I asked this in the Modern Arnis forum. I am wondering from a general Filipino MA perspective....

What do you think of my new site? Technical and presentation errors will be working themselves out, but how about the content?

I used Geocities, because I am definatily an amature web designer!  :boing2: 

Site: http://www.geocities.com/paul_janulis/Home.html

Constructive criticism appreciated...

Paul
 :asian:


----------



## JPR (Jul 8, 2004)

The color mixture on the Ezine page doesn't work well.  I had a hard time reading the red (small print especially) on the blue back ground.  It made my eyes :erg:.


JPR


----------



## Enson (Jul 8, 2004)

might look better with a black backround. then your bright colors will stand out. try putting more pictures in there. thats what people like to see. i do some photography and i learned the value of a great picture. "worth a thousand words"
peace


----------



## Cruentus (Jul 8, 2004)

JPR said:
			
		

> The color mixture on the Ezine page doesn't work well.  I had a hard time reading the red (small print especially) on the blue back ground.  It made my eyes :erg:.
> 
> 
> JPR



Yes...I agree with that assessment!

 :asian:


----------



## Northern (Jul 8, 2004)

I believe I have Mastered your website, despite the unreadablity.   :asian:  artyon:


----------



## Cruentus (Jul 8, 2004)

Northern said:
			
		

> I believe I have Mastered your website, despite the unreadablity.   :asian:  artyon:



 :roflmao:


----------



## crouton (Jul 8, 2004)

just a typographical on the first page,
"Bettering ourselves throught..." (throughout)

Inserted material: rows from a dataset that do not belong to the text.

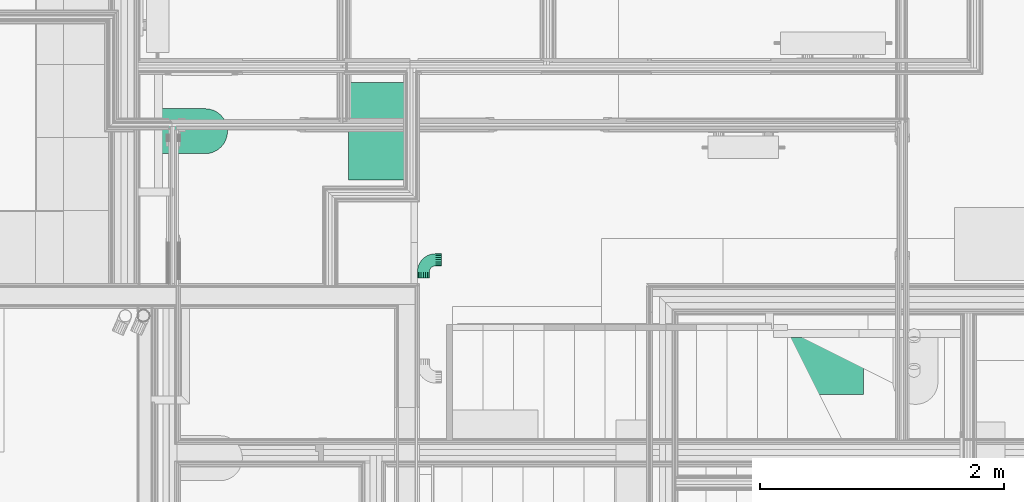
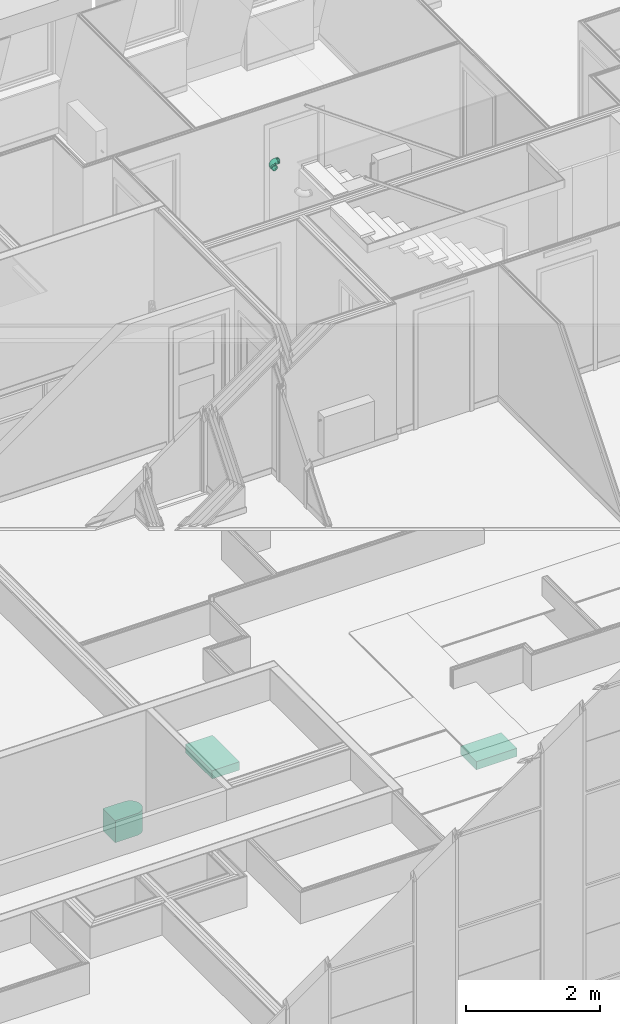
# One storey, part 163 of 169: 3 flow terminals, 1 flow fitting.
"""IFC2X3 building model written with IfcOpenShell, lengths in metres."""

from ifc_helpers import new_model, entity, si_unit, converted_unit, derived_unit, money_unit, direction, frame, origin_with_axes, place, context, subcontext, project, spatial, open_shell, faceted_brep, surface_model, material, type_object, element, save


model = new_model("IFC2X3")

# Units and contexts
model_context = context("Model", 3, precision=1e-05, world=origin_with_axes(), true_north=direction((0.0, 1.0)))
body_context = subcontext(model_context, "Body", "Model", "MODEL_VIEW", scale=1.0)
ifc_project = project(units=[si_unit("LENGTHUNIT", "METRE"), si_unit("AREAUNIT", "SQUARE_METRE"), si_unit("VOLUMEUNIT", "CUBIC_METRE"), si_unit("ABSORBEDDOSEUNIT", "GRAY"), si_unit("AMOUNTOFSUBSTANCEUNIT", "MOLE"), si_unit("DOSEEQUIVALENTUNIT", "SIEVERT"), si_unit("ELECTRICCAPACITANCEUNIT", "FARAD"), si_unit("ELECTRICCHARGEUNIT", "COULOMB"), si_unit("ELECTRICCONDUCTANCEUNIT", "SIEMENS"), si_unit("ELECTRICCURRENTUNIT", "AMPERE"), si_unit("ELECTRICRESISTANCEUNIT", "OHM"), si_unit("ELECTRICVOLTAGEUNIT", "VOLT"), si_unit("ENERGYUNIT", "JOULE"), si_unit("FORCEUNIT", "NEWTON"), si_unit("FREQUENCYUNIT", "HERTZ"), si_unit("ILLUMINANCEUNIT", "LUX"), si_unit("INDUCTANCEUNIT", "HENRY"), si_unit("LUMINOUSFLUXUNIT", "LUMEN"), si_unit("LUMINOUSINTENSITYUNIT", "CANDELA"), si_unit("MAGNETICFLUXDENSITYUNIT", "TESLA"), si_unit("MAGNETICFLUXUNIT", "WEBER"), si_unit("MASSUNIT", "GRAM"), converted_unit("PLANEANGLEUNIT", "degree", entity("IfcReal", 0.0174532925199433), si_unit("PLANEANGLEUNIT", "RADIAN"), dimensions=[0, 0, 0, 0, 0, 0, 0]), si_unit("POWERUNIT", "WATT"), si_unit("PRESSUREUNIT", "PASCAL"), si_unit("RADIOACTIVITYUNIT", "BECQUEREL"), si_unit("SOLIDANGLEUNIT", "STERADIAN"), si_unit("THERMODYNAMICTEMPERATUREUNIT", "KELVIN"), si_unit("TIMEUNIT", "SECOND"), derived_unit("ACCELERATIONUNIT", [(si_unit("LENGTHUNIT", "METRE"), 1), (si_unit("TIMEUNIT", "SECOND"), -2)]), derived_unit("ANGULARVELOCITYUNIT", [(converted_unit("PLANEANGLEUNIT", "degree", entity("IfcReal", 0.0174532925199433), si_unit("PLANEANGLEUNIT", "RADIAN"), dimensions=[0, 0, 0, 0, 0, 0, 0]), 1), (si_unit("TIMEUNIT", "SECOND"), -1)]), derived_unit("CURVATUREUNIT", [(converted_unit("PLANEANGLEUNIT", "degree", entity("IfcReal", 0.0174532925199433), si_unit("PLANEANGLEUNIT", "RADIAN"), dimensions=[0, 0, 0, 0, 0, 0, 0]), 1), (si_unit("LENGTHUNIT", "METRE"), -1)]), derived_unit("DYNAMICVISCOSITYUNIT", [(si_unit("PRESSUREUNIT", "PASCAL"), 1), (si_unit("TIMEUNIT", "SECOND"), 1)]), derived_unit("HEATFLUXDENSITYUNIT", [(si_unit("POWERUNIT", "WATT"), 1), (si_unit("LENGTHUNIT", "METRE"), -2)]), derived_unit("HEATINGVALUEUNIT", [(si_unit("ENERGYUNIT", "JOULE"), 1), (si_unit("MASSUNIT", "GRAM"), -1)]), derived_unit("INTEGERCOUNTRATEUNIT", [(si_unit("TIMEUNIT", "SECOND"), -1)]), derived_unit("IONCONCENTRATIONUNIT", [(si_unit("MASSUNIT", "GRAM"), 1), (si_unit("VOLUMEUNIT", "CUBIC_METRE"), -1)]), derived_unit("ISOTHERMALMOISTURECAPACITYUNIT", [(si_unit("VOLUMEUNIT", "CUBIC_METRE"), 1), (si_unit("MASSUNIT", "GRAM"), -1)]), derived_unit("KINEMATICVISCOSITYUNIT", [(si_unit("AREAUNIT", "SQUARE_METRE"), 1), (si_unit("TIMEUNIT", "SECOND"), -1)]), derived_unit("LINEARFORCEUNIT", [(si_unit("FORCEUNIT", "NEWTON"), 1), (si_unit("LENGTHUNIT", "METRE"), -1)]), derived_unit("LINEARMOMENTUNIT", [(si_unit("FORCEUNIT", "NEWTON"), 1), (si_unit("LENGTHUNIT", "METRE"), -1)]), derived_unit("LINEARSTIFFNESSUNIT", [(si_unit("FORCEUNIT", "NEWTON"), 1), (si_unit("LENGTHUNIT", "METRE"), -1)]), derived_unit("LINEARVELOCITYUNIT", [(si_unit("LENGTHUNIT", "METRE"), 1), (si_unit("TIMEUNIT", "SECOND"), -1)]), derived_unit("LUMINOUSINTENSITYDISTRIBUTIONUNIT", [(si_unit("LUMINOUSINTENSITYUNIT", "CANDELA"), 1), (si_unit("LUMINOUSFLUXUNIT", "LUMEN"), -1)]), derived_unit("MASSDENSITYUNIT", [(si_unit("MASSUNIT", "GRAM"), 1), (si_unit("VOLUMEUNIT", "CUBIC_METRE"), -1)]), derived_unit("MASSFLOWRATEUNIT", [(si_unit("MASSUNIT", "GRAM"), 1), (si_unit("TIMEUNIT", "SECOND"), -1)]), derived_unit("MASSPERLENGTHUNIT", [(si_unit("MASSUNIT", "GRAM"), 1), (si_unit("LENGTHUNIT", "METRE"), -1)]), derived_unit("MODULUSOFELASTICITYUNIT", [(si_unit("FORCEUNIT", "NEWTON"), 1), (si_unit("AREAUNIT", "SQUARE_METRE"), -1)]), derived_unit("MODULUSOFLINEARSUBGRADEREACTIONUNIT", [(si_unit("FORCEUNIT", "NEWTON"), 1), (si_unit("LENGTHUNIT", "METRE"), -2)]), derived_unit("MODULUSOFROTATIONALSUBGRADEREACTIONUNIT", [(si_unit("FORCEUNIT", "NEWTON"), 1), (si_unit("LENGTHUNIT", "METRE"), 1)]), derived_unit("MODULUSOFSUBGRADEREACTIONUNIT", [(si_unit("FORCEUNIT", "NEWTON"), 1), (si_unit("VOLUMEUNIT", "CUBIC_METRE"), -1)]), derived_unit("MOISTUREDIFFUSIVITYUNIT", [(si_unit("VOLUMEUNIT", "CUBIC_METRE"), 1), (si_unit("TIMEUNIT", "SECOND"), -1)]), derived_unit("MOLECULARWEIGHTUNIT", [(si_unit("MASSUNIT", "GRAM"), 1), (si_unit("AMOUNTOFSUBSTANCEUNIT", "MOLE"), -1)]), derived_unit("PLANARFORCEUNIT", [(si_unit("FORCEUNIT", "NEWTON"), 1), (si_unit("LENGTHUNIT", "METRE"), -2)]), derived_unit("ROTATIONALFREQUENCYUNIT", [(si_unit("TIMEUNIT", "SECOND"), -1)]), derived_unit("ROTATIONALMASSUNIT", [(si_unit("MASSUNIT", "GRAM"), 1), (si_unit("LENGTHUNIT", "METRE"), 2)]), derived_unit("ROTATIONALSTIFFNESSUNIT", [(si_unit("FORCEUNIT", "NEWTON"), 1), (si_unit("LENGTHUNIT", "METRE"), 1), (converted_unit("PLANEANGLEUNIT", "degree", entity("IfcReal", 0.0174532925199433), si_unit("PLANEANGLEUNIT", "RADIAN"), dimensions=[0, 0, 0, 0, 0, 0, 0]), -1)]), derived_unit("SECTIONAREAINTEGRALUNIT", [(si_unit("LENGTHUNIT", "METRE"), 5)]), derived_unit("SECTIONMODULUSUNIT", [(si_unit("LENGTHUNIT", "METRE"), 3)]), derived_unit("SHEARMODULUSUNIT", [(si_unit("FORCEUNIT", "NEWTON"), 1), (si_unit("AREAUNIT", "SQUARE_METRE"), -1)]), derived_unit("SOUNDPOWERUNIT", [(si_unit("ENERGYUNIT", "JOULE"), 1), (si_unit("TIMEUNIT", "SECOND"), -1)]), derived_unit("SPECIFICHEATCAPACITYUNIT", [(si_unit("FORCEUNIT", "NEWTON"), 1), (si_unit("MASSUNIT", "GRAM"), -1), (si_unit("THERMODYNAMICTEMPERATUREUNIT", "KELVIN"), -1)]), derived_unit("TEMPERATUREGRADIENTUNIT", [(si_unit("THERMODYNAMICTEMPERATUREUNIT", "KELVIN"), 1), (si_unit("LENGTHUNIT", "METRE"), -1)]), derived_unit("THERMALADMITTANCEUNIT", [(si_unit("POWERUNIT", "WATT"), 1), (si_unit("AREAUNIT", "SQUARE_METRE"), -1), (si_unit("THERMODYNAMICTEMPERATUREUNIT", "KELVIN"), -1)]), derived_unit("THERMALCONDUCTANCEUNIT", [(si_unit("POWERUNIT", "WATT"), 1), (si_unit("LENGTHUNIT", "METRE"), -1), (si_unit("THERMODYNAMICTEMPERATUREUNIT", "KELVIN"), -1)]), derived_unit("THERMALEXPANSIONCOEFFICIENTUNIT", [(si_unit("THERMODYNAMICTEMPERATUREUNIT", "KELVIN"), -1)]), derived_unit("THERMALRESISTANCEUNIT", [(si_unit("AREAUNIT", "SQUARE_METRE"), 1), (si_unit("POWERUNIT", "WATT"), -1)]), derived_unit("THERMALTRANSMITTANCEUNIT", [(si_unit("POWERUNIT", "WATT"), 1), (si_unit("AREAUNIT", "SQUARE_METRE"), -1), (si_unit("THERMODYNAMICTEMPERATUREUNIT", "KELVIN"), -1)]), derived_unit("TORQUEUNIT", [(si_unit("FORCEUNIT", "NEWTON"), 1), (si_unit("LENGTHUNIT", "METRE"), 1)]), derived_unit("VAPORPERMEABILITYUNIT", [(si_unit("MASSUNIT", "GRAM"), 1), (si_unit("TIMEUNIT", "SECOND"), -1)]), derived_unit("VOLUMETRICFLOWRATEUNIT", [(si_unit("VOLUMEUNIT", "CUBIC_METRE"), 1), (si_unit("TIMEUNIT", "SECOND"), -1)]), derived_unit("WARPINGCONSTANTUNIT", [(si_unit("LENGTHUNIT", "METRE"), 6)]), derived_unit("WARPINGMOMENTUNIT", [(si_unit("FORCEUNIT", "NEWTON"), 1), (si_unit("LENGTHUNIT", "METRE"), 2)]), money_unit("GBP")], contexts=[model_context])

# Site, building, storey, space
site_placement = place(None, origin_with_axes())
site = spatial("IfcSite", under=ifc_project, at=site_placement, Name="Site", CompositionType="ELEMENT")
building_placement = place(site_placement, origin_with_axes())
building = spatial("IfcBuilding", under=site, at=building_placement, Name="Building01", CompositionType="ELEMENT")
storey_placement = place(building_placement, frame((0.0, 0.0, 5.15), z_axis=(0.0, 0.0, 1.0), x_axis=(1.0, 0.0, 0.0)))
storey = spatial("IfcBuildingStorey", under=building, at=storey_placement, Name="1F", CompositionType="ELEMENT", Elevation=5.15)
space_1_placement = place(storey_placement, frame((18.239976, 7.549915, 9.86), z_axis=(0.0, 0.0, 1.0), x_axis=(0.0, 1.0, 0.0)))
space_1 = spatial("IfcSpace", under=storey, at=space_1_placement, Name="corridor (protected)", CompositionType="ELEMENT", InteriorOrExteriorSpace="NOTDEFINED")

# Flow fitting
ifc_material = material(Name="M_BSUK_Ventilation")
duct_fitting_type = type_object("IfcDuctFittingType", Name="M-Roundelbow-DefaultRound", PredefinedType="BEND")
placement = place(building_placement, origin_with_axes())
flow_fitting_placement = place(placement, frame((18.05, 8.932559, 17.28), z_axis=(-1.0, 0.0, 0.0), x_axis=(0.0, 1.0, 0.0)))
element("IfcFlowFitting", 1, at=flow_fitting_placement, inside=space_1, type_object=duct_fitting_type, material=ifc_material, Name="M-Roundelbow-DefaultRound", ObjectType="M-Roundelbow-DefaultRound", context=body_context, shape_type="SurfaceModel", body=[
    surface_model("IfcShellBasedSurfaceModel", [(0.008112, -0.01349, -0.048784), (0.0, -0.01349, -0.048146), (0.0, 0.0, -0.05), (0.007822, 0.0, -0.050616), (0.016024, -0.01349, -0.050684), (0.015451, 0.0, -0.052447), (0.023541, -0.01349, -0.053798), (0.0227, 0.0, -0.05545), (0.030479, -0.01349, -0.058049), (0.029389, 0.0, -0.059549), (0.036666, -0.01349, -0.063334), (0.035355, 0.0, -0.064645), (0.041951, -0.01349, -0.069521), (0.040451, 0.0, -0.070611), (0.046202, -0.01349, -0.076459), (0.04455, 0.0, -0.0773), (0.049316, -0.01349, -0.083976), (0.047553, 0.0, -0.084549), (0.051216, -0.01349, -0.091888), (0.049384, 0.0, -0.092178), (0.051854, -0.01349, -0.1), (0.05, 0.0, -0.1), (0.00896, -0.025979, -0.043426), (0.0, -0.025979, -0.042721), (0.0177, -0.025979, -0.045524), (0.026004, -0.025979, -0.048964), (0.033668, -0.025979, -0.05366), (0.040502, -0.025979, -0.059498), (0.04634, -0.025979, -0.066332), (0.051036, -0.025979, -0.073996), (0.054476, -0.025979, -0.0823), (0.056574, -0.025979, -0.09104), (0.057279, -0.025979, -0.1), (0.010305, -0.036542, -0.034939), (0.0, -0.036542, -0.034128), (0.020356, -0.036542, -0.037352), (0.029905, -0.036542, -0.041307), (0.038719, -0.036542, -0.046708), (0.046579, -0.036542, -0.053421), (0.053292, -0.036542, -0.061281), (0.058693, -0.036542, -0.070095), (0.062648, -0.036542, -0.079644), (0.065061, -0.036542, -0.089695), (0.065872, -0.036542, -0.1), (0.012045, -0.044394, -0.023951), (0.0, -0.044394, -0.023003), (0.023793, -0.044394, -0.026772), (0.034956, -0.044394, -0.031395), (0.045258, -0.044394, -0.037708), (0.054445, -0.044394, -0.045555), (0.062292, -0.044394, -0.054742), (0.068605, -0.044394, -0.065044), (0.073228, -0.044394, -0.076207), (0.076049, -0.044394, -0.087955), (0.076997, -0.044394, -0.1), (0.014052, -0.048954, -0.011279), (0.0, -0.048954, -0.010173), (0.027758, -0.048954, -0.014569), (0.040781, -0.048954, -0.019963), (0.052799, -0.048954, -0.027328), (0.063517, -0.048954, -0.036483), (0.072672, -0.048954, -0.047201), (0.080037, -0.048954, -0.059219), (0.085431, -0.048954, -0.072242), (0.088721, -0.048954, -0.085948), (0.089827, -0.048954, -0.1), (0.016177, -0.049883, 0.002139), (0.0, -0.049883, 0.003412), (0.031956, -0.049883, -0.001649), (0.046948, -0.049883, -0.007859), (0.060784, -0.049883, -0.016338), (0.073123, -0.049883, -0.026877), (0.083662, -0.049883, -0.039216), (0.092141, -0.049883, -0.053052), (0.098351, -0.049883, -0.068044), (0.102139, -0.049883, -0.083823), (0.103412, -0.049883, -0.1), (0.018263, -0.047113, 0.015307), (0.0, -0.047113, 0.016744), (0.036076, -0.047113, 0.01103), (0.053001, -0.047113, 0.00402), (0.06862, -0.047113, -0.005552), (0.08255, -0.047113, -0.01745), (0.094448, -0.047113, -0.03138), (0.10402, -0.047113, -0.046999), (0.11103, -0.047113, -0.063924), (0.115307, -0.047113, -0.081737), (0.116744, -0.047113, -0.1), (0.020154, -0.040848, 0.027248), (0.0, -0.040848, 0.028834), (0.039812, -0.040848, 0.022528), (0.058489, -0.040848, 0.014792), (0.075727, -0.040848, 0.004229), (0.091099, -0.040848, -0.008901), (0.104229, -0.040848, -0.024273), (0.114792, -0.040848, -0.041511), (0.122528, -0.040848, -0.060188), (0.127248, -0.040848, -0.079846), (0.128834, -0.040848, -0.1), (0.021711, -0.031554, 0.037077), (0.0, -0.031554, 0.038786), (0.042887, -0.031554, 0.031993), (0.063007, -0.031554, 0.023659), (0.081576, -0.031554, 0.01228), (0.098136, -0.031554, -0.001864), (0.11228, -0.031554, -0.018424), (0.123659, -0.031554, -0.036993), (0.131993, -0.031554, -0.057113), (0.137077, -0.031554, -0.078289), (0.138786, -0.031554, -0.1), (0.022818, -0.01992, 0.044065), (0.0, -0.01992, 0.045861), (0.045073, -0.01992, 0.038722), (0.066219, -0.01992, 0.029963), (0.085735, -0.01992, 0.018004), (0.103139, -0.01992, 0.003139), (0.118004, -0.01992, -0.014265), (0.129963, -0.01992, -0.033781), (0.138722, -0.01992, -0.054927), (0.144065, -0.01992, -0.077182), (0.145861, -0.01992, -0.1), (0.023392, -0.006808, 0.047693), (0.0, -0.006808, 0.049534), (0.046209, -0.006808, 0.042216), (0.067887, -0.006808, 0.033236), (0.087894, -0.006808, 0.020976), (0.105737, -0.006808, 0.005737), (0.120976, -0.006808, -0.012106), (0.133236, -0.006808, -0.032113), (0.142216, -0.006808, -0.053791), (0.147693, -0.006808, -0.076608), (0.149534, -0.006808, -0.1), (0.023392, 0.006808, 0.047693), (0.0, 0.006808, 0.049534), (0.046209, 0.006808, 0.042216), (0.067887, 0.006808, 0.033236), (0.087894, 0.006808, 0.020976), (0.105737, 0.006808, 0.005737), (0.120976, 0.006808, -0.012106), (0.133236, 0.006808, -0.032113), (0.142216, 0.006808, -0.053791), (0.147693, 0.006808, -0.076608), (0.149534, 0.006808, -0.1), (0.022818, 0.01992, 0.044065), (0.0, 0.01992, 0.045861), (0.045073, 0.01992, 0.038722), (0.066219, 0.01992, 0.029963), (0.085735, 0.01992, 0.018004), (0.103139, 0.01992, 0.003139), (0.118004, 0.01992, -0.014265), (0.129963, 0.01992, -0.033781), (0.138722, 0.01992, -0.054927), (0.144065, 0.01992, -0.077182), (0.145861, 0.01992, -0.1), (0.021711, 0.031554, 0.037077), (0.0, 0.031554, 0.038786), (0.042887, 0.031554, 0.031993), (0.063007, 0.031554, 0.023659), (0.081576, 0.031554, 0.01228), (0.098136, 0.031554, -0.001864), (0.11228, 0.031554, -0.018424), (0.123659, 0.031554, -0.036993), (0.131993, 0.031554, -0.057113), (0.137077, 0.031554, -0.078289), (0.138786, 0.031554, -0.1), (0.020154, 0.040848, 0.027248), (0.0, 0.040848, 0.028834), (0.039812, 0.040848, 0.022528), (0.058489, 0.040848, 0.014792), (0.075727, 0.040848, 0.004229), (0.091099, 0.040848, -0.008901), (0.104229, 0.040848, -0.024273), (0.114792, 0.040848, -0.041511), (0.122528, 0.040848, -0.060188), (0.127248, 0.040848, -0.079846), (0.128834, 0.040848, -0.1), (0.018263, 0.047113, 0.015307), (0.0, 0.047113, 0.016744), (0.036076, 0.047113, 0.01103), (0.053001, 0.047113, 0.00402), (0.06862, 0.047113, -0.005552), (0.08255, 0.047113, -0.01745), (0.094448, 0.047113, -0.03138), (0.10402, 0.047113, -0.046999), (0.11103, 0.047113, -0.063924), (0.115307, 0.047113, -0.081737), (0.116744, 0.047113, -0.1), (0.016177, 0.049883, 0.002139), (0.0, 0.049883, 0.003412), (0.031956, 0.049883, -0.001649), (0.046948, 0.049883, -0.007859), (0.060784, 0.049883, -0.016338), (0.073123, 0.049883, -0.026877), (0.083662, 0.049883, -0.039216), (0.092141, 0.049883, -0.053052), (0.098351, 0.049883, -0.068044), (0.102139, 0.049883, -0.083823), (0.103412, 0.049883, -0.1), (0.014052, 0.048954, -0.011279), (0.0, 0.048954, -0.010173), (0.027758, 0.048954, -0.014569), (0.040781, 0.048954, -0.019963), (0.052799, 0.048954, -0.027328), (0.063517, 0.048954, -0.036483), (0.072672, 0.048954, -0.047201), (0.080037, 0.048954, -0.059219), (0.085431, 0.048954, -0.072242), (0.088721, 0.048954, -0.085948), (0.089827, 0.048954, -0.1), (0.012045, 0.044394, -0.023951), (0.0, 0.044394, -0.023003), (0.023793, 0.044394, -0.026772), (0.034956, 0.044394, -0.031395), (0.045258, 0.044394, -0.037708), (0.054445, 0.044394, -0.045555), (0.062292, 0.044394, -0.054742), (0.068605, 0.044394, -0.065044), (0.073228, 0.044394, -0.076207), (0.076049, 0.044394, -0.087955), (0.076997, 0.044394, -0.1), (0.010305, 0.036542, -0.034939), (0.0, 0.036542, -0.034128), (0.020356, 0.036542, -0.037352), (0.029905, 0.036542, -0.041307), (0.038719, 0.036542, -0.046708), (0.046579, 0.036542, -0.053421), (0.053292, 0.036542, -0.061281), (0.058693, 0.036542, -0.070095), (0.062648, 0.036542, -0.079644), (0.065061, 0.036542, -0.089695), (0.065872, 0.036542, -0.1), (0.00896, 0.025979, -0.043426), (0.0, 0.025979, -0.042721), (0.0177, 0.025979, -0.045524), (0.026004, 0.025979, -0.048964), (0.033668, 0.025979, -0.05366), (0.040502, 0.025979, -0.059498), (0.04634, 0.025979, -0.066332), (0.051036, 0.025979, -0.073996), (0.054476, 0.025979, -0.0823), (0.056574, 0.025979, -0.09104), (0.057279, 0.025979, -0.1), (0.008112, 0.01349, -0.048784), (0.0, 0.01349, -0.048146), (0.016024, 0.01349, -0.050684), (0.023541, 0.01349, -0.053798), (0.030479, 0.01349, -0.058049), (0.036666, 0.01349, -0.063334), (0.041951, 0.01349, -0.069521), (0.046202, 0.01349, -0.076459), (0.049316, 0.01349, -0.083976), (0.051216, 0.01349, -0.091888), (0.051854, 0.01349, -0.1), (-0.05, 0.0, -0.05), (0.0, -0.019134, -0.046194), (-0.05, -0.019134, -0.046194), (0.0, -0.035355, -0.035355), (-0.05, -0.035355, -0.035355), (0.0, -0.046194, -0.019134), (-0.05, -0.046194, -0.019134), (0.0, -0.05, 0.0), (-0.05, -0.05, 0.0), (0.0, -0.046194, 0.019134), (-0.05, -0.046194, 0.019134), (0.0, -0.035355, 0.035355), (-0.05, -0.035355, 0.035355), (0.0, -0.019134, 0.046194), (-0.05, -0.019134, 0.046194), (0.0, 0.0, 0.05), (-0.05, 0.0, 0.05), (0.0, 0.019134, 0.046194), (-0.05, 0.019134, 0.046194), (0.0, 0.035355, 0.035355), (-0.05, 0.035355, 0.035355), (0.0, 0.046194, 0.019134), (-0.05, 0.046194, 0.019134), (0.0, 0.05, 0.0), (-0.05, 0.05, 0.0), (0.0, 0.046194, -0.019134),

also under The Gild, although it is a lot of good content, it seems to go on and on, just too much all at once.  you should try to break it up somehow.

good luck


----------



## Cruentus (Jul 9, 2004)

crouton said:
			
		

> just a typographical on the first page,
> "Bettering ourselves throught..." (throughout)
> 
> also under The Gild, although it is a lot of good content, it seems to go on and on, just too much all at once.  you should try to break it up somehow.
> ...



Thanks for you input sir!

Yes, I also agree that the text needs to be broken up somehow. I'll be working on that for future updates!

 :asian:


----------